**WHAT YOU NEED TO DO:** Would you reproduce, word for word, only the lines running from the top of the data through the line containing "[diagram p58: 59. MOUNTING HARDWARE]", and none of the pictures?
DATA SUPPLIED below:
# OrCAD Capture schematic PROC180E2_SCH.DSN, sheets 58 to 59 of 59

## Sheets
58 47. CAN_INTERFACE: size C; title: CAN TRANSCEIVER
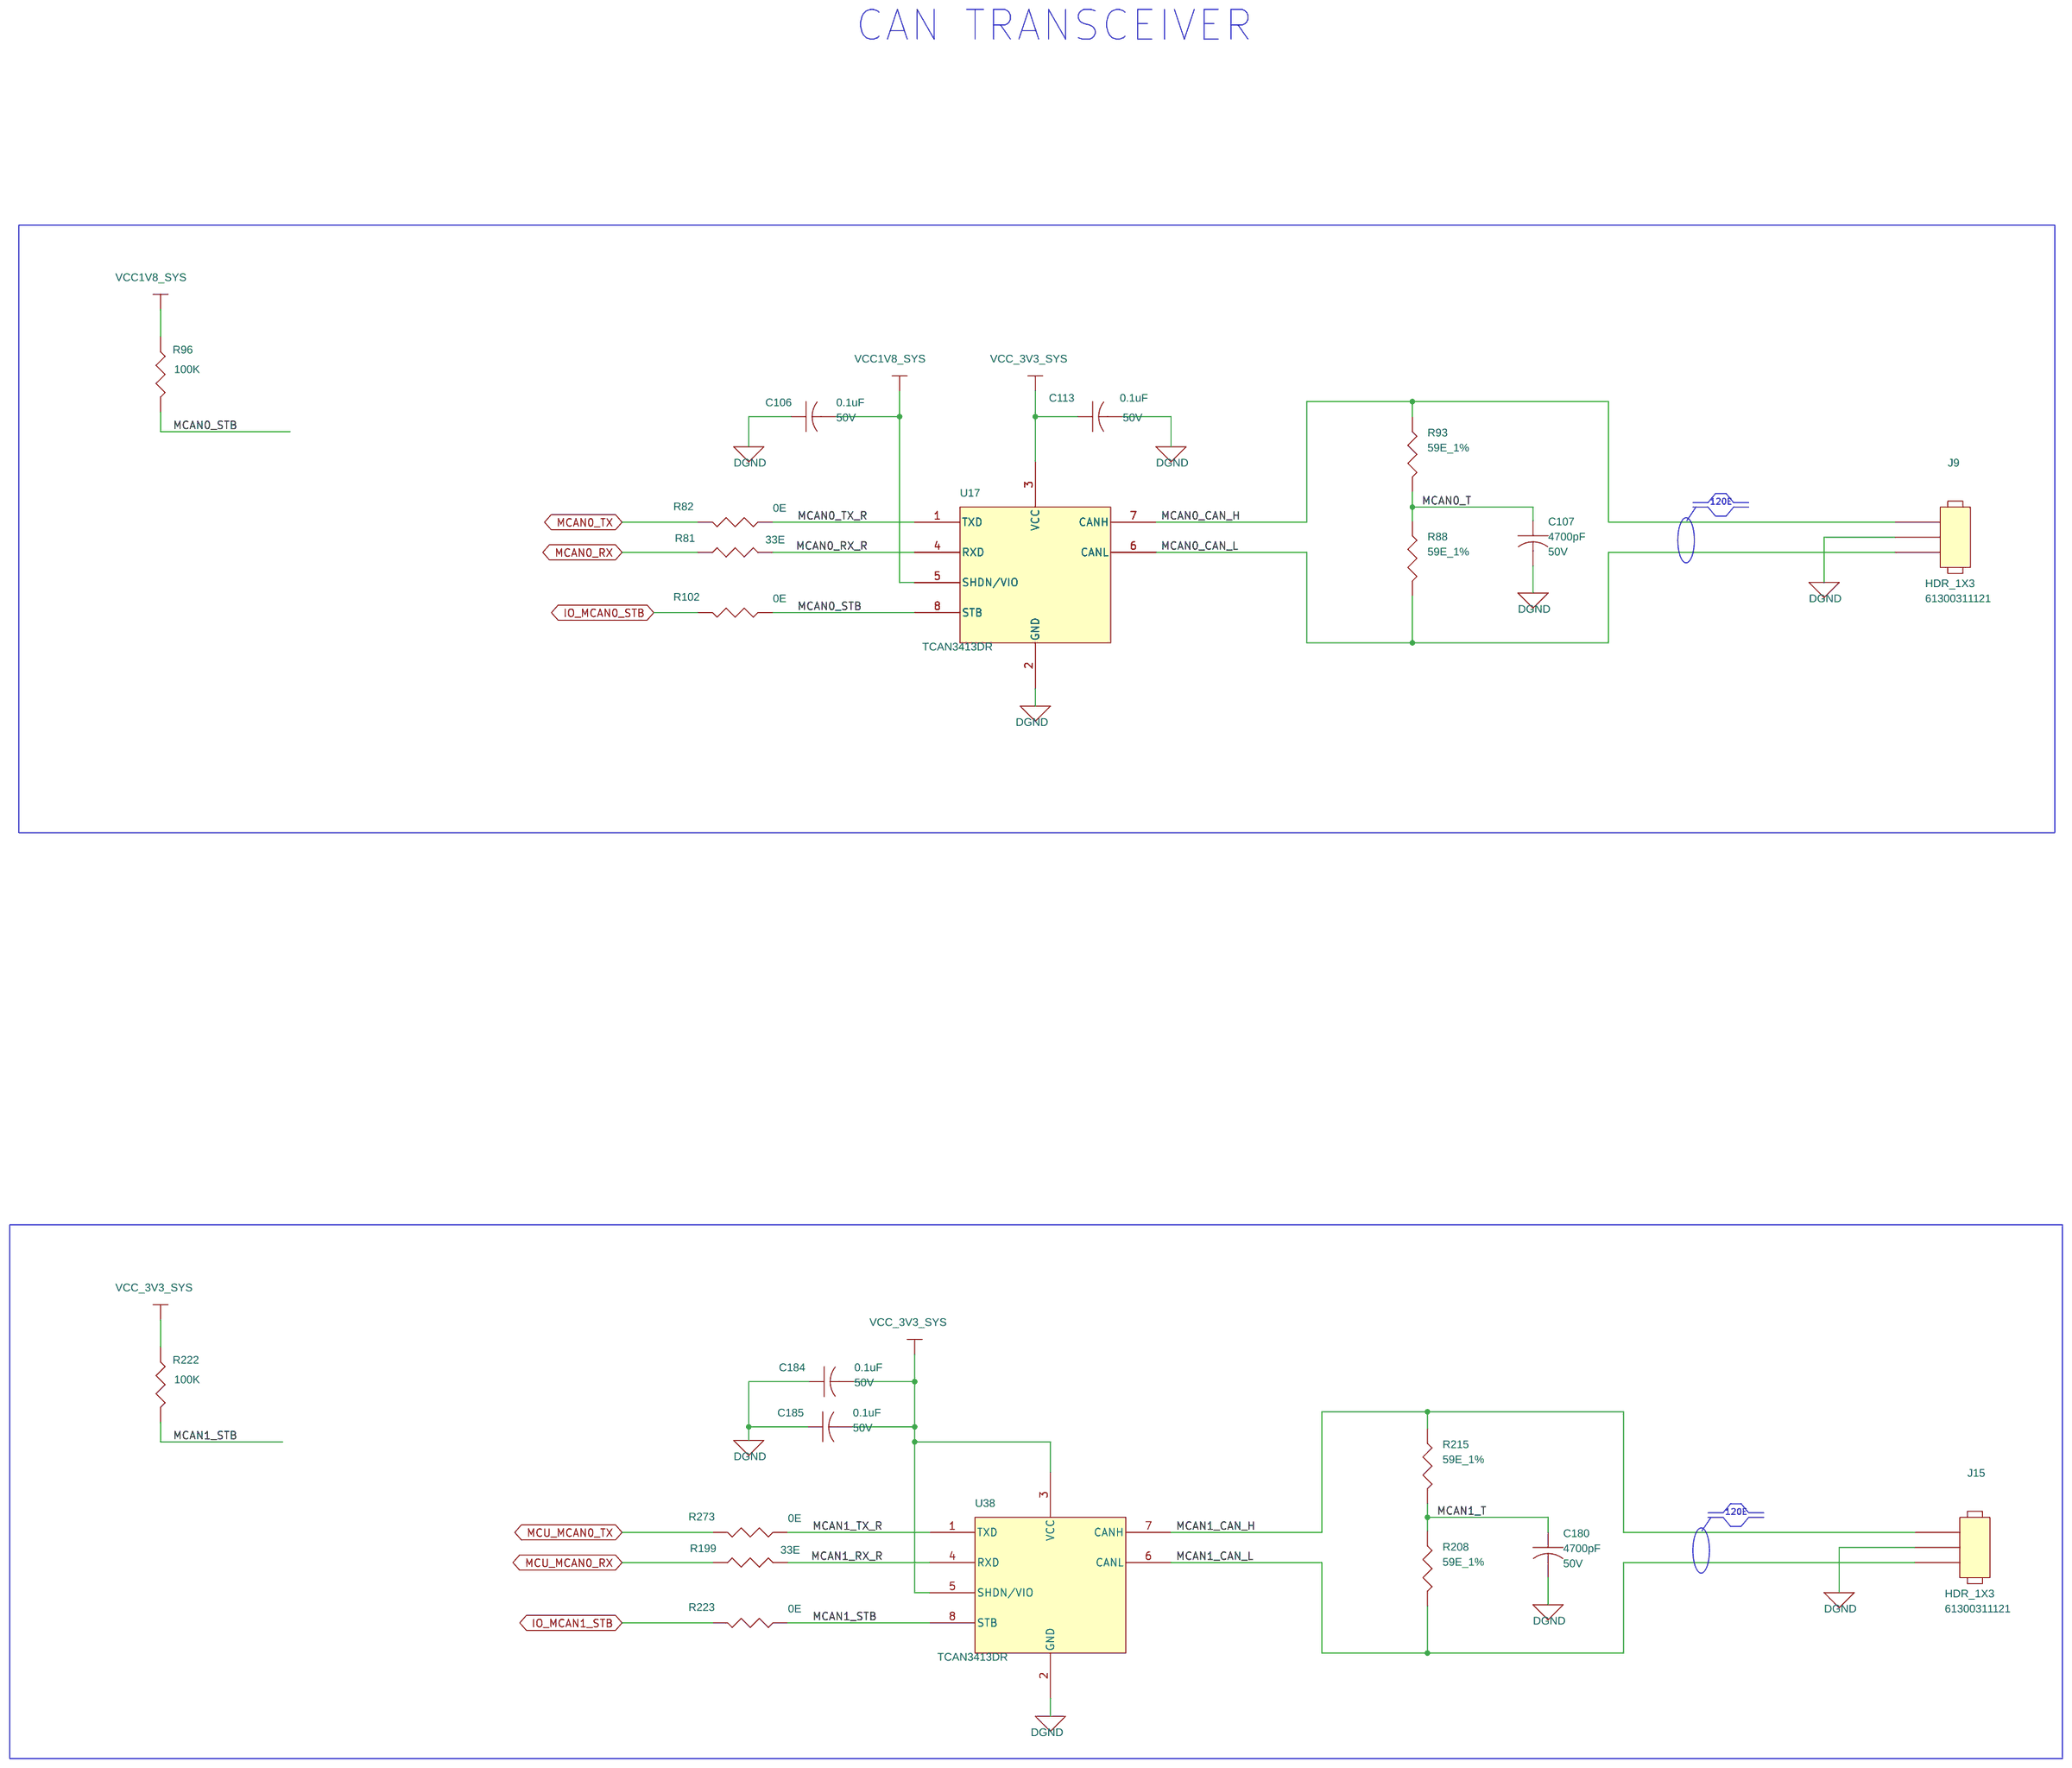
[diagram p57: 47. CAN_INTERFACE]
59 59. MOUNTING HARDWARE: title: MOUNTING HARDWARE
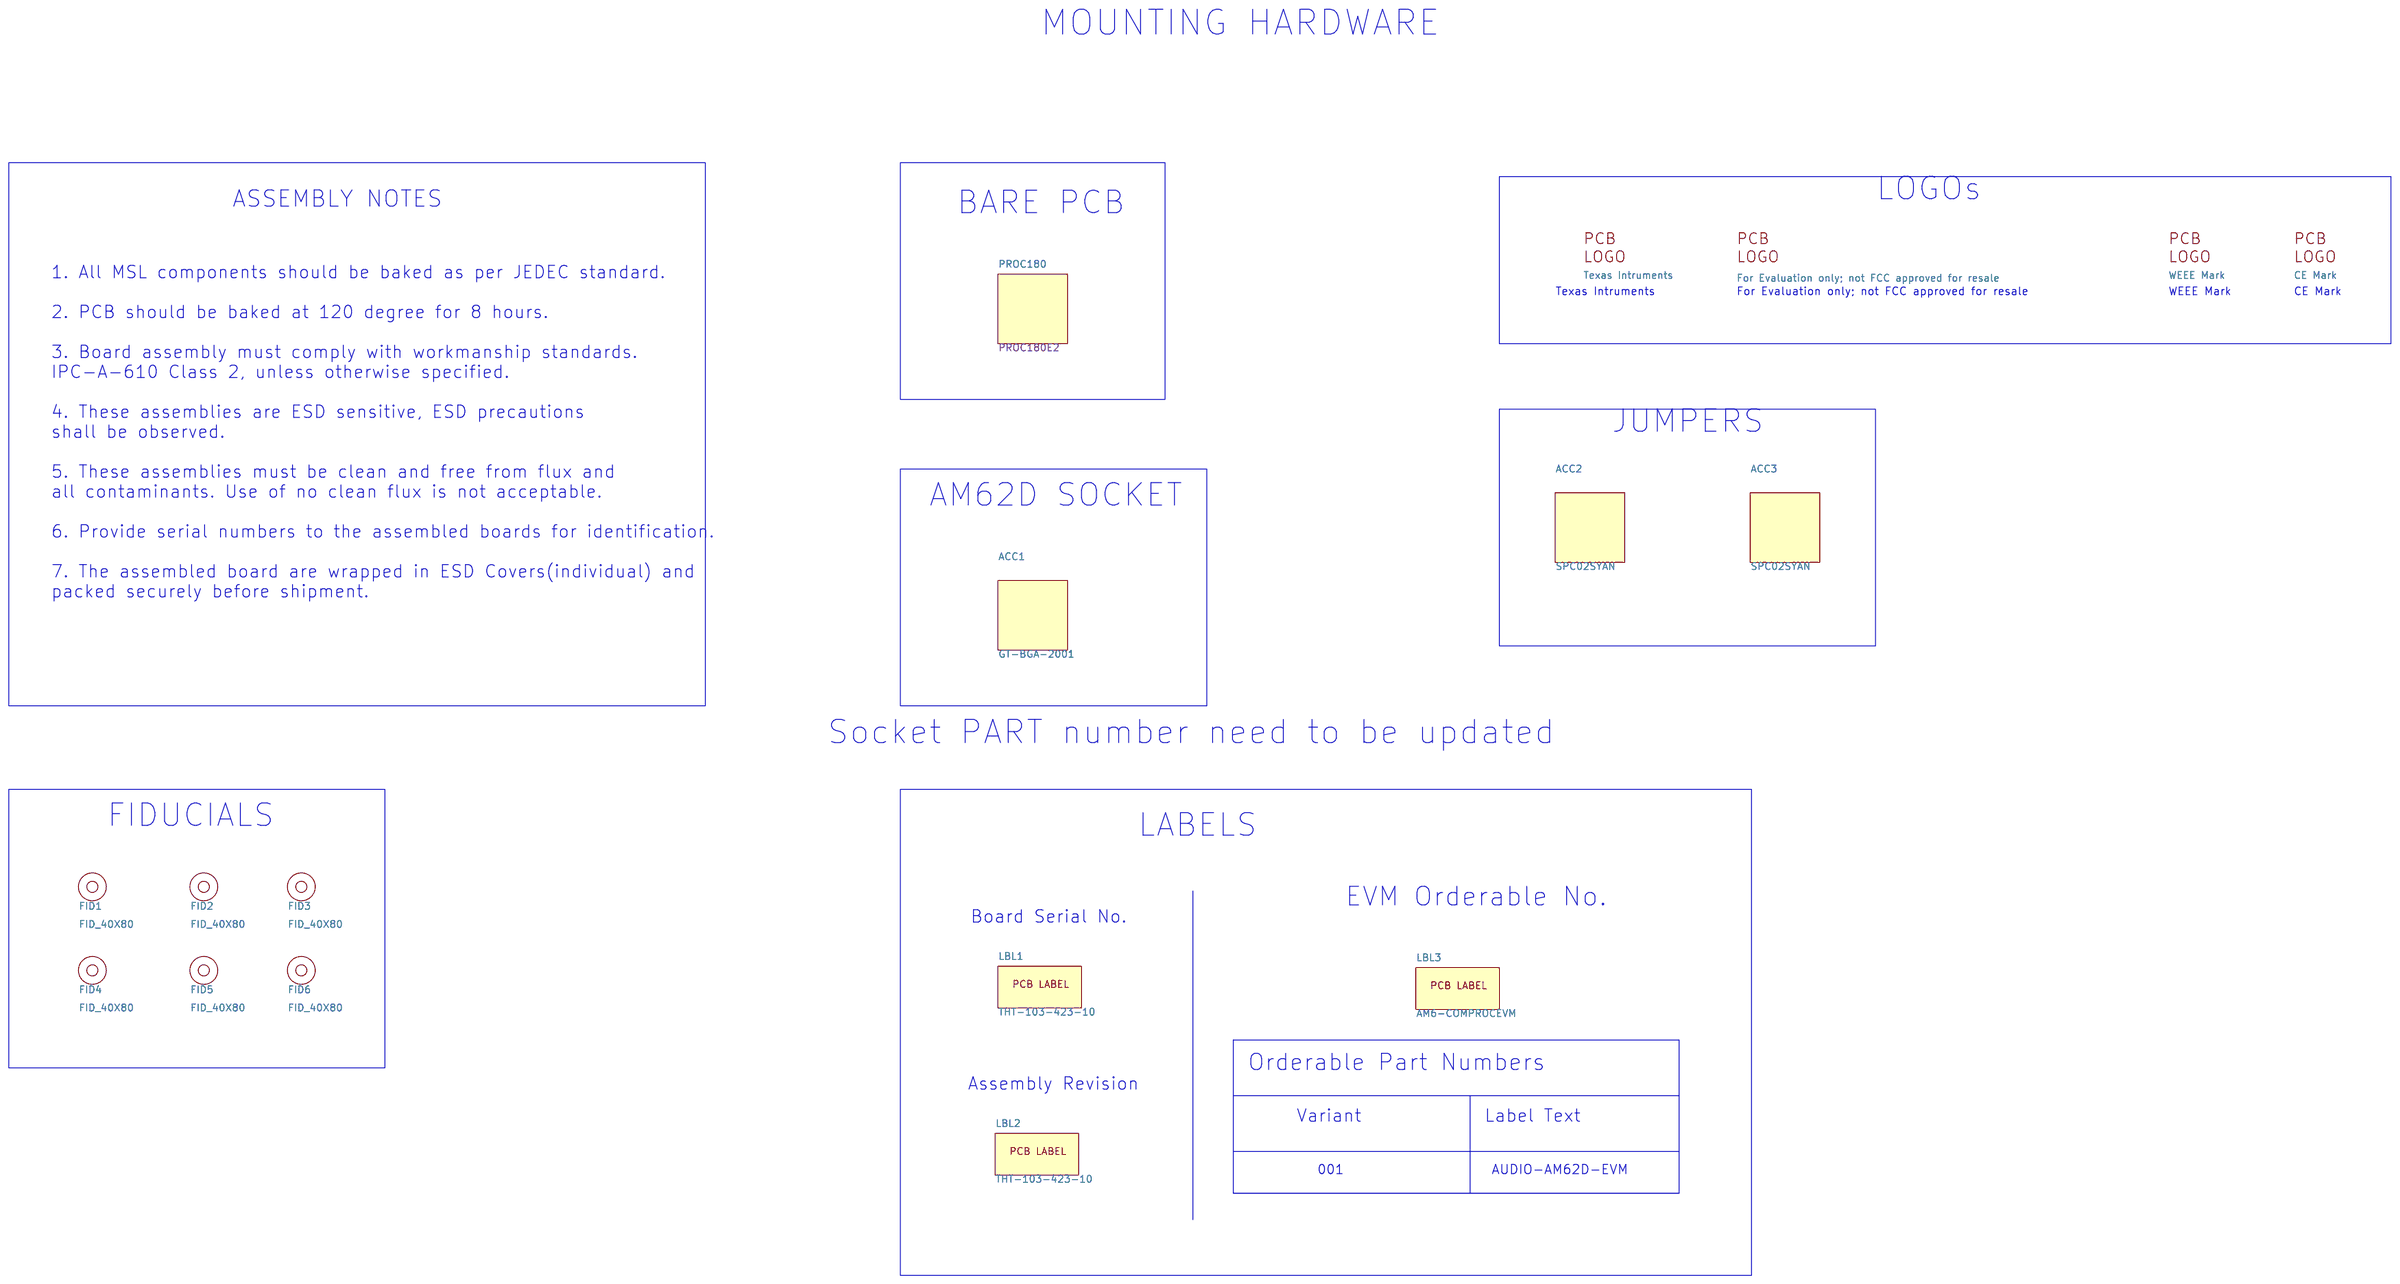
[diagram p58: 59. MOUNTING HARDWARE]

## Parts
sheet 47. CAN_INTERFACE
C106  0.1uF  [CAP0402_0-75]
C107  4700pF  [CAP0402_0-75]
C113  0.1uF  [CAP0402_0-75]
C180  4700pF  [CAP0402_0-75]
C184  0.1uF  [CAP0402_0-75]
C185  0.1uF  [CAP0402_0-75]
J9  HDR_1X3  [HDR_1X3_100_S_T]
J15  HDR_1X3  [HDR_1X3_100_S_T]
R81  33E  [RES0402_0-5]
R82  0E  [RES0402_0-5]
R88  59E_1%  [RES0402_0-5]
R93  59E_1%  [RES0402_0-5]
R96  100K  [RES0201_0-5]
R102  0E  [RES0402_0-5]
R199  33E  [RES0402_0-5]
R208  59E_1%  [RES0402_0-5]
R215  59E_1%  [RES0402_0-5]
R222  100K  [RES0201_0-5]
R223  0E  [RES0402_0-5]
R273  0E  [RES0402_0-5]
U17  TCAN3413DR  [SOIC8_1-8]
End of DATA SUPPLIED.
**ANSWER TO THE PROBLEM:**
# OrCAD Capture schematic PROC180E2_SCH.DSN, sheets 58 to 59 of 59

## Sheets
58 47. CAN_INTERFACE: size C; title: CAN TRANSCEIVER
[diagram p57: 47. CAN_INTERFACE]
59 59. MOUNTING HARDWARE: title: MOUNTING HARDWARE
[diagram p58: 59. MOUNTING HARDWARE]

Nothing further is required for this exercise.